The Surinamese Interior War () was a civil war waged in the Sipaliwini District of Suriname between 1986 and 1992. It was fought by the Tucayana Amazonas led by Thomas Sabajo and the Jungle Commando led by Ronnie Brunswijk, whose members originated from the Maroon ethnic group, against the National Army led by then-army chief and de facto head of state Dési Bouterse.

Background 

Suriname has one of the most ethnically diverse populations in South America, with people of ethnic Indian (South Asian), Javanese, Chinese, European, Amerindian, African (Creole and Maroon), and multiracial origin. The Maroons' ancestors were African slaves who escaped from coastal Suriname between the mid-seventeenth and late eighteenth centuries to form independent settlements in the interior. They settled in interior parts of Suriname, and gained independence by signing a peace treaty with the Dutch in the 1760s. The Dutch were unable to conquer them and agreed to allow them autonomy within their territory.

In 1975 Suriname gained full independence from the Netherlands. Dési Bouterse participated in building a national army.
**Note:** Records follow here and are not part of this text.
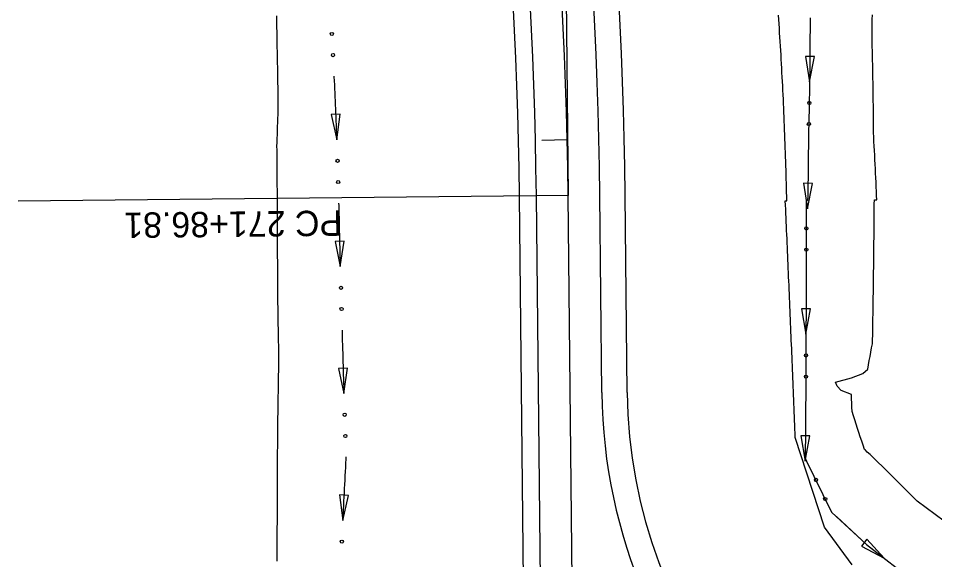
# Model space of a CAD drawing. Extents: x 1611108 to 1749517, y 619561 to 797725.
# Drawn here: x 1713886.8 to 1714103.5, y 759365.7 to 759493.8 of the extents above; entities that cross this region are included whole.
import ezdxf

# ---------------------------------------------------------------- set-up
doc = ezdxf.new("R2010")
doc.units = 0
for name, color, linetype in [('R_Ditch', 7, 'Continuous'), ('R_Horz Alg', 7, 'Continuous'), ('R_Horz Alg Annot', 7, 'Continuous'), ('R_Horz Alg Stationing', 7, 'Continuous'), ('R_Proposed Const Limits', 7, 'Continuous'), ('R_Proposed Road', 7, 'Continuous'), ('R_Proposed_SHLDR', 7, 'Continuous')]:
    doc.layers.add(name, color=color, linetype=linetype)

msp = doc.modelspace()

# ---------------------------------------------------------------- linework, layer by layer
at = {"layer": 'R_Ditch'}
for p, q in [((1714075.03, 759484.75), (1714072.91, 759484.77)), ((1714072.91, 759484.77), (1714073.9, 759478.76)), ((1714073.9, 759478.76), (1714075.03, 759484.75)), ((1713962.91, 759471.09), (1713960.8, 759471.01)), ((1713960.8, 759471.01), (1713962.09, 759465.05)), ((1713962.09, 759465.05), (1713962.91, 759471.09)), ((1714074.57, 759454.71), (1714072.46, 759454.75)), ((1714072.46, 759454.75), (1714073.39, 759448.73)), ((1714073.39, 759448.73), (1714074.57, 759454.71)), ((1713963.82, 759441.05), (1713961.71, 759441)), ((1713961.71, 759441), (1713962.92, 759435.03)), ((1713962.92, 759435.03), (1713963.82, 759441.05)), ((1714074.11, 759425.03), (1714072, 759425.04)), ((1714072, 759425.04), (1714073.04, 759419.04)), ((1714073.04, 759419.04), (1714074.11, 759425.03)), ((1713964.66, 759411.03), (1713962.54, 759410.97)), ((1713962.54, 759410.97), (1713963.78, 759405)), ((1713963.78, 759405), (1713964.66, 759411.03)), ((1714073.97, 759394.99), (1714071.85, 759395.01)), ((1714071.85, 759395.01), (1714072.87, 759389)), ((1714072.87, 759389), (1714073.97, 759394.99)), ((1713964.85, 759380.94), (1713962.74, 759381.04)), ((1713962.74, 759381.04), (1713963.5, 759375)), ((1713963.5, 759375), (1713964.85, 759380.94)), ((1714087.47, 759370.6), (1714086.17, 759368.93)), ((1714091.56, 759366.08), (1714087.47, 759370.6)), ((1714086.17, 759368.93), (1714091.56, 759366.08))]:
    msp.add_line(p, q, dxfattribs=at)
for points in [[(1714084, 759364.54), (1714077.44, 759373.4), (1714070.49, 759394.62), (1714070.45, 759395.62), (1714070.41, 759396.62), (1714070.37, 759397.62), (1714070.33, 759398.62), (1714070.3, 759399.62), (1714070.26, 759400.62), (1714070.22, 759401.62), (1714070.18, 759402.62), (1714070.14, 759403.62), (1714070.1, 759404.62), (1714070.06, 759405.62), (1714070.02, 759406.62), (1714069.99, 759407.62), (1714069.95, 759408.62), (1714069.91, 759409.62), (1714069.87, 759410.62), (1714069.83, 759411.62), (1714069.79, 759412.62), (1714069.75, 759413.62), (1714069.71, 759414.62), (1714069.66, 759415.62), (1714069.62, 759416.61), (1714069.58, 759417.61), (1714069.54, 759418.61), (1714069.5, 759419.61), (1714069.46, 759420.61), (1714069.42, 759421.61), (1714069.38, 759422.61), (1714069.34, 759423.61), (1714069.29, 759424.61), (1714069.25, 759425.61), (1714069.21, 759426.61), (1714069.17, 759427.61), (1714069.13, 759428.61), (1714069.08, 759429.61), (1714069.04, 759430.61), (1714069, 759431.61), (1714068.95, 759432.61), (1714068.91, 759433.61), (1714068.87, 759434.61), (1714068.82, 759435.61), (1714068.78, 759436.61), (1714068.74, 759437.61), (1714068.69, 759438.61), (1714068.65, 759439.61), (1714068.61, 759440.61), (1714068.56, 759441.61), (1714068.52, 759442.6), (1714068.47, 759443.6), (1714068.43, 759444.6), (1714068.38, 759445.6), (1714068.34, 759446.6), (1714068.29, 759447.6), (1714068.25, 759448.6), (1714068.2, 759449.6), (1714068.16, 759450.6), (1714068.16, 759450.61), (1714068.51, 759450.63), (1714068.49, 759451.61), (1714068.47, 759452.61), (1714068.44, 759453.66), (1714068.41, 759454.71), (1714068.39, 759455.76), (1714068.36, 759456.81), (1714068.33, 759457.86), (1714068.3, 759458.91), (1714068.26, 759459.96), (1714068.23, 759461.01), (1714068.2, 759462.06), (1714068.16, 759463.11), (1714068.12, 759464.15), (1714068.08, 759465.2), (1714068.04, 759466.25), (1714068, 759467.3), (1714067.96, 759468.35), (1714067.92, 759469.4), (1714067.88, 759470.45), (1714067.83, 759471.5), (1714067.78, 759472.54), (1714067.74, 759473.59), (1714067.69, 759474.64), (1714067.64, 759475.69), (1714067.59, 759476.74), (1714067.54, 759477.79), (1714067.48, 759478.83), (1714067.43, 759479.88), (1714067.37, 759480.93), (1714067.32, 759481.98), (1714067.26, 759483.02), (1714067.2, 759484.07), (1714067.14, 759485.12), (1714067.08, 759486.17), (1714067.02, 759487.21), (1714066.95, 759488.26), (1714066.89, 759489.31), (1714066.82, 759490.36), (1714066.75, 759491.4), (1714066.69, 759492.45), (1714066.62, 759493.5), (1714066.55, 759494.54)], [(1714074, 759493.85), (1714074, 759492.79), (1714074, 759491.74), (1714074, 759490.68), (1714073.99, 759489.62), (1714073.99, 759488.57), (1714073.98, 759487.51), (1714073.98, 759486.45), (1714073.97, 759485.4), (1714073.96, 759484.34), (1714073.95, 759483.28), (1714073.94, 759482.22), (1714073.93, 759481.17), (1714073.91, 759480.11), (1714073.9, 759479.05), (1714073.88, 759478), (1714073.86, 759476.94), (1714073.85, 759475.89), (1714073.83, 759474.83), (1714073.81, 759473.77), (1714073.78, 759472.72), (1714073.76, 759471.66), (1714073.74, 759470.6), (1714073.71, 759469.55), (1714073.68, 759468.49), (1714073.66, 759467.44), (1714073.63, 759466.38), (1714073.62, 759465.33), (1714073.62, 759464.27), (1714073.61, 759463.22), (1714073.6, 759462.16), (1714073.59, 759461.11), (1714073.58, 759460.05), (1714073.57, 759459), (1714073.56, 759457.94), (1714073.54, 759456.89), (1714073.53, 759455.83), (1714073.51, 759454.78), (1714073.49, 759453.72), (1714073.47, 759452.67), (1714073.45, 759451.66), (1714073.43, 759450.68), (1714073.07, 759450.66), (1714073.07, 759450.65), (1714073.07, 759449.65), (1714073.07, 759448.65), (1714073.08, 759447.65), (1714073.08, 759446.65), (1714073.08, 759445.65), (1714073.08, 759444.65), (1714073.08, 759443.65), (1714073.08, 759442.65), (1714073.08, 759441.65), (1714073.08, 759440.65), (1714073.08, 759439.65), (1714073.08, 759438.65), (1714073.08, 759437.65), (1714073.07, 759436.65), (1714073.07, 759435.65), (1714073.07, 759434.65), (1714073.07, 759433.65), (1714073.07, 759432.65), (1714073.07, 759431.65), (1714073.07, 759430.65), (1714073.06, 759429.65), (1714073.06, 759428.65), (1714073.06, 759427.65), (1714073.06, 759426.65), (1714073.06, 759425.65), (1714073.05, 759424.65), (1714073.05, 759423.65), (1714073.05, 759422.65), (1714073.04, 759421.65), (1714073.04, 759420.65), (1714073.04, 759419.65), (1714073.03, 759418.65), (1714073.03, 759417.65), (1714073.03, 759416.65), (1714073.02, 759415.65), (1714073.02, 759414.65), (1714073.02, 759413.65), (1714073.01, 759412.65), (1714073.01, 759411.65), (1714073, 759410.65), (1714073, 759409.65), (1714072.99, 759408.65), (1714072.99, 759407.65), (1714072.98, 759406.65), (1714072.98, 759405.65), (1714072.97, 759404.65), (1714072.97, 759403.65), (1714072.96, 759402.65), (1714072.95, 759401.65), (1714072.95, 759400.65), (1714072.94, 759399.65), (1714072.94, 759398.65), (1714072.93, 759397.65), (1714072.92, 759396.65), (1714072.92, 759395.65), (1714072.91, 759394.65), (1714072.9, 759393.65), (1714072.89, 759392.65), (1714072.89, 759391.65), (1714072.88, 759390.65), (1714072.87, 759389.65), (1714079.11, 759376.95), (1714087.36, 759369.35), (1714098.95, 759360.33)], [(1714074, 759493.76), (1714074, 759492.79), (1714074, 759491.74), (1714074, 759490.68), (1714073.99, 759489.62), (1714073.99, 759488.57), (1714073.98, 759487.51), (1714073.98, 759486.45), (1714073.97, 759485.4), (1714073.96, 759484.34), (1714073.95, 759483.28), (1714073.94, 759482.22), (1714073.93, 759481.17), (1714073.91, 759480.11), (1714073.9, 759479.05), (1714073.89, 759478.76)], [(1713961.44, 759480.08), (1713961.44, 759480.04)], [(1713961.44, 759480.04), (1713961.44, 759479.91), (1713961.49, 759478.97), (1713961.54, 759478.02), (1713961.58, 759477.07), (1713961.63, 759476.13), (1713961.67, 759475.18), (1713961.71, 759474.23), (1713961.75, 759473.29), (1713961.79, 759472.34), (1713961.83, 759471.39), (1713961.87, 759470.45), (1713961.91, 759469.5), (1713961.95, 759468.55), (1713961.99, 759467.61), (1713962.02, 759466.66), (1713962.06, 759465.71), (1713962.08, 759465.05)], [(1714073.61, 759463.73), (1714073.61, 759463.22), (1714073.6, 759462.16), (1714073.59, 759461.11), (1714073.58, 759460.05), (1714073.57, 759459), (1714073.56, 759457.94), (1714073.54, 759456.89), (1714073.53, 759455.83), (1714073.51, 759454.78), (1714073.49, 759453.72), (1714073.47, 759452.67), (1714073.45, 759451.66), (1714073.43, 759450.68), (1714073.07, 759450.66), (1714073.07, 759450.65), (1714073.07, 759449.65), (1714073.07, 759449.07)], [(1714073.61, 759463.76), (1714073.61, 759463.73)], [(1713962.54, 759450.06), (1713962.54, 759450.02)], [(1713962.54, 759450.02), (1713962.55, 759449.51), (1713962.58, 759448.51), (1713962.6, 759447.51), (1713962.63, 759446.51), (1713962.65, 759445.51), (1713962.68, 759444.51), (1713962.7, 759443.51), (1713962.73, 759442.51), (1713962.75, 759441.51), (1713962.78, 759440.51), (1713962.8, 759439.51), (1713962.83, 759438.51), (1713962.86, 759437.51), (1713962.88, 759436.51), (1713962.91, 759435.51), (1713962.92, 759435.03)], [(1714073.07, 759434.04), (1714073.07, 759433.65), (1714073.07, 759432.65), (1714073.07, 759431.65), (1714073.07, 759430.65), (1714073.06, 759429.65), (1714073.06, 759428.65), (1714073.06, 759427.65), (1714073.06, 759426.65), (1714073.06, 759425.65), (1714073.05, 759424.65), (1714073.05, 759423.65), (1714073.05, 759422.65), (1714073.04, 759421.65), (1714073.04, 759420.65), (1714073.04, 759419.65), (1714073.04, 759419.04)], [(1714073.07, 759434.07), (1714073.07, 759434.04)], [(1713963.34, 759420.03), (1713963.34, 759420)], [(1713963.34, 759419.99), (1713963.35, 759419.52), (1713963.38, 759418.52), (1713963.41, 759417.52), (1713963.44, 759416.52), (1713963.47, 759415.52), (1713963.5, 759414.52), (1713963.53, 759413.52), (1713963.56, 759412.52), (1713963.59, 759411.52), (1713963.62, 759410.52), (1713963.65, 759409.52), (1713963.68, 759408.52), (1713963.71, 759407.52), (1713963.74, 759406.52), (1713963.77, 759405.52), (1713963.78, 759405)], [(1714072.97, 759404), (1714072.97, 759403.65), (1714072.96, 759402.65), (1714072.95, 759401.65), (1714072.95, 759400.65), (1714072.94, 759399.65), (1714072.94, 759398.65), (1714072.93, 759397.65), (1714072.92, 759396.65), (1714072.92, 759395.65), (1714072.91, 759394.65), (1714072.9, 759393.65), (1714072.89, 759392.65), (1714072.89, 759391.65), (1714072.88, 759390.65), (1714072.87, 759389.65), (1714073.16, 759389.07)], [(1714072.97, 759404.04), (1714072.97, 759404)], [(1713964.25, 759389.98), (1713964.23, 759389.53), (1713964.18, 759388.53), (1713964.13, 759387.54), (1713964.08, 759386.54), (1713964.03, 759385.54), (1713963.98, 759384.54), (1713963.93, 759383.54), (1713963.87, 759382.54), (1713963.82, 759381.54), (1713963.77, 759380.54), (1713963.72, 759379.54), (1713963.68, 759378.54), (1713963.63, 759377.55), (1713963.58, 759376.55), (1713963.53, 759375.55), (1713963.5, 759375)], [(1713964.25, 759390.02), (1713964.25, 759389.98)], [(1714080.21, 759375.93), (1714080.24, 759375.91)], [(1714080.24, 759375.91), (1714087.36, 759369.35), (1714091.56, 759366.08)]]:
    msp.add_lwpolyline(points, dxfattribs=at)
for centre in [(1713960.94, 759490.06), (1713961.22, 759485.06), (1714073.84, 759473.76), (1714073.73, 759468.75), (1713962.29, 759460.05), (1713962.44, 759455.04), (1714073.11, 759444.07), (1714073.11, 759439.06), (1713963.09, 759430.02), (1713963.23, 759425.02), (1714073.05, 759414.03), (1714073.03, 759409.02), (1713963.98, 759400), (1713964.14, 759394.99), (1714075.4, 759384.59), (1714077.6, 759380.09), (1713963.29, 759370)]:
    msp.add_circle(centre, 0.375, dxfattribs=at)
at = {"layer": 'R_Horz Alg'}
msp.add_line((1714018.73, 759265.08), (1714016.8, 759451.89), dxfattribs=at)
msp.add_arc((1712975.11, 759441.13), 1041.74, 0.59167, 23.75, dxfattribs=at)
at = {"layer": 'R_Horz Alg Annot'}
msp.add_line((1714014.59, 759665.32), (1714016.8, 759451.89), dxfattribs=at)
msp.add_lwpolyline([(1714016.8, 759451.89), (1713886.8, 759450.54)], dxfattribs=at)
at = {"layer": 'R_Horz Alg Stationing'}
msp.add_lwpolyline([(1714010.58, 759464.93), (1714016.58, 759465.07)], dxfattribs=at)
at = {"layer": 'R_Proposed Const Limits'}
for points in [[(1713948.02, 759365.36), (1713948.02, 759366.36), (1713948.03, 759367.36), (1713948.03, 759368.36), (1713948.03, 759369.36), (1713948.03, 759370.36), (1713948.04, 759371.36), (1713948.04, 759372.36), (1713948.04, 759373.36), (1713948.05, 759374.36), (1713948.05, 759375.36), (1713948.05, 759376.36), (1713948.06, 759377.36), (1713948.06, 759378.36), (1713948.06, 759379.36), (1713948.07, 759380.36), (1713948.07, 759381.36), (1713948.08, 759382.36), (1713948.08, 759383.36), (1713948.09, 759384.36), (1713948.09, 759385.36), (1713948.1, 759386.36), (1713948.1, 759387.36), (1713948.11, 759388.36), (1713948.11, 759389.36), (1713948.12, 759390.36), (1713948.12, 759391.36), (1713948.13, 759392.36), (1713948.14, 759393.36), (1713948.14, 759394.36), (1713948.15, 759395.36), (1713948.16, 759396.36), (1713948.17, 759397.36), (1713948.19, 759398.36), (1713948.2, 759399.36), (1713948.22, 759400.36), (1713948.23, 759401.36), (1713948.25, 759402.36), (1713948.26, 759403.36), (1713948.28, 759404.36), (1713948.3, 759405.36), (1713948.31, 759406.36), (1713948.33, 759407.36), (1713948.34, 759408.36), (1713948.36, 759409.36), (1713948.38, 759410.36), (1713948.39, 759411.36), (1713948.41, 759412.36), (1713948.43, 759413.36), (1713948.43, 759414.36), (1713948.41, 759415.36), (1713948.38, 759416.36), (1713948.36, 759417.36), (1713948.34, 759418.36), (1713948.32, 759419.36), (1713948.3, 759420.36), (1713948.28, 759421.36), (1713948.25, 759422.36), (1713948.23, 759423.36), (1713948.22, 759424.36), (1713948.21, 759425.36), (1713948.2, 759426.36), (1713948.19, 759427.36), (1713948.18, 759428.36), (1713948.18, 759429.36), (1713948.17, 759430.36), (1713948.16, 759431.36), (1713948.16, 759432.36), (1713948.15, 759433.36), (1713948.14, 759434.36), (1713948.14, 759435.36), (1713948.13, 759436.36), (1713948.12, 759437.36), (1713948.12, 759438.36), (1713948.11, 759439.36), (1713948.11, 759440.36), (1713948.1, 759441.36), (1713948.1, 759442.36), (1713948.09, 759443.36), (1713948.09, 759444.36), (1713948.08, 759445.36), (1713948.08, 759446.36), (1713948.07, 759447.36), (1713948.07, 759448.36), (1713948.06, 759449.36), (1713948.06, 759450.36), (1713948.06, 759451.35), (1713948.05, 759452.28), (1713948.05, 759453.22), (1713948.04, 759454.15), (1713948.04, 759455.09), (1713948.03, 759456.02), (1713948.03, 759456.95), (1713948.02, 759457.89), (1713948.01, 759458.82), (1713948, 759459.76), (1713947.99, 759460.69), (1713947.98, 759461.62), (1713947.97, 759462.56), (1713947.96, 759463.49), (1713947.97, 759464.43), (1713948.01, 759465.36), (1713948.05, 759466.3), (1713948.09, 759467.23), (1713948.12, 759468.17), (1713948.16, 759469.1), (1713948.2, 759470.04), (1713948.23, 759470.98), (1713948.27, 759471.91), (1713948.27, 759472.85), (1713948.26, 759473.78), (1713948.25, 759474.72), (1713948.24, 759475.65), (1713948.23, 759476.59), (1713948.22, 759477.52), (1713948.2, 759478.46), (1713948.19, 759479.39), (1713948.17, 759480.33), (1713948.16, 759481.26), (1713948.14, 759482.2), (1713948.12, 759483.13), (1713948.1, 759484.07), (1713948.08, 759485), (1713948.06, 759485.94), (1713948.04, 759486.87), (1713948.02, 759487.81), (1713948, 759488.74), (1713947.98, 759489.68), (1713947.97, 759490.61), (1713947.95, 759491.55), (1713947.94, 759492.48), (1713947.92, 759493.42), (1713947.9, 759494.36)], [(1714105.7, 759374.84), (1714099.3, 759379.56), (1714091.59, 759387.32), (1714089.59, 759389.25), (1714088.23, 759390.62), (1714087.52, 759391.15), (1714087.1, 759391.6), (1714086.87, 759391.79), (1714086.54, 759392.79), (1714086.22, 759393.78), (1714085.89, 759394.78), (1714085.56, 759395.78), (1714085.24, 759396.78), (1714084.91, 759397.77), (1714084.58, 759398.77), (1714084.26, 759399.77), (1714083.93, 759400.76), (1714083.89, 759401.76), (1714083.87, 759402.76), (1714083.84, 759403.76), (1714083.82, 759404.76), (1714081.39, 759405.74), (1714080.43, 759406.73), (1714080.04, 759407.72), (1714083.82, 759408.76), (1714086.49, 759409.79), (1714087.63, 759410.8), (1714087.82, 759411.8), (1714088.01, 759412.8), (1714088.19, 759413.81), (1714088.38, 759414.81), (1714088.57, 759415.81), (1714088.76, 759416.81), (1714088.8, 759417.81), (1714088.82, 759418.81), (1714088.83, 759419.81), (1714088.85, 759420.81), (1714088.87, 759421.81), (1714088.88, 759422.81), (1714088.9, 759423.81), (1714088.91, 759424.81), (1714088.93, 759425.81), (1714088.94, 759426.81), (1714088.95, 759427.82), (1714088.97, 759428.82), (1714088.98, 759429.82), (1714089, 759430.82), (1714089.01, 759431.82), (1714089.02, 759432.82), (1714089.03, 759433.82), (1714089.05, 759434.82), (1714089.06, 759435.82), (1714089.07, 759436.82), (1714089.08, 759437.82), (1714089.1, 759438.82), (1714089.11, 759439.82), (1714089.12, 759440.82), (1714089.13, 759441.82), (1714089.14, 759442.82), (1714089.15, 759443.82), (1714089.16, 759444.82), (1714089.17, 759445.82), (1714089.18, 759446.82), (1714089.19, 759447.82), (1714089.2, 759448.82), (1714089.2, 759449.82), (1714089.21, 759450.82), (1714089.21, 759450.83), (1714089.76, 759450.84), (1714089.74, 759451.82), (1714089.7, 759452.84), (1714089.66, 759453.91), (1714089.61, 759454.98), (1714089.56, 759456.05), (1714089.51, 759457.11), (1714089.46, 759458.18), (1714089.41, 759459.25), (1714089.35, 759460.32), (1714089.3, 759461.39), (1714089.24, 759462.46), (1714089.18, 759463.53), (1714089.12, 759464.6), (1714089.06, 759465.67), (1714089, 759466.73), (1714089, 759467.8), (1714088.99, 759468.87), (1714088.99, 759469.94), (1714088.98, 759471.01), (1714088.98, 759472.08), (1714088.97, 759473.15), (1714088.96, 759474.22), (1714088.95, 759475.29), (1714088.93, 759476.36), (1714088.92, 759477.43), (1714088.9, 759478.5), (1714088.88, 759479.57), (1714088.86, 759480.64), (1714088.84, 759481.71), (1714088.82, 759482.78), (1714088.8, 759483.85), (1714088.77, 759484.92), (1714088.75, 759485.99), (1714088.72, 759487.06), (1714088.69, 759488.13), (1714088.68, 759489.2), (1714088.7, 759490.27), (1714088.71, 759491.34), (1714088.72, 759492.42), (1714088.73, 759493.49), (1714088.74, 759494.56)]]:
    msp.add_lwpolyline(points, dxfattribs=at)
at = {"layer": 'R_Proposed Road'}
for p, q in [((1714010.39, 759346), (1714009.3, 759451.81)), ((1714024.78, 759405.24), (1714024.3, 759451.96))]:
    msp.add_line(p, q, dxfattribs=at)
for centre, radius, start, end in [((1712975.11, 759441.13), 1049.24, 0.59167, 23.75), ((1712975.11, 759441.13), 1034.24, 0.59167, 23.75), ((1714149.77, 759406.53), 125, 180.5917, 269.3186)]:
    msp.add_arc(centre, radius, start, end, dxfattribs=at)
at = {"layer": 'R_Proposed_SHLDR'}
for p, q in [((1714006.39, 759345.96), (1714005.3, 759451.77)), ((1714030.78, 759405.3), (1714030.3, 759452.02))]:
    msp.add_line(p, q, dxfattribs=at)
for centre, radius, start, end in [((1712975.11, 759441.13), 1055.24, 0.59167, 23.75), ((1712975.11, 759441.13), 1030.24, 0.59167, 23.75), ((1714149.77, 759406.53), 119, 180.5917, 258.7915)]:
    msp.add_arc(centre, radius, start, end, dxfattribs=at)

# ---------------------------------------------------------------- texts
at = {"layer": 'R_Horz Alg Annot'}
msp.add_text('PC 271+86.81', height=6, rotation=180.5917, dxfattribs=at).set_placement((1713963.33, 759448.33))

doc.saveas('drawing.dxf')

Five years later, in 1980, he and fifteen other army sergeants led a bloody coup against the country's Government. Bouterse eventually consolidated all power. In 1987 he directed the National Assembly to adopt a new constitution that allowed him to continue as head of the army, as a civilian government was established under close watch.

Conflict 

The war began as a personal feud between Bouterse and Brunswijk, a Maroon who had served as Bouterse's bodyguard. It later assumed political dimensions. Brunswijk demanded democratic reforms, civil rights, and economic development for the country's Maroon minority.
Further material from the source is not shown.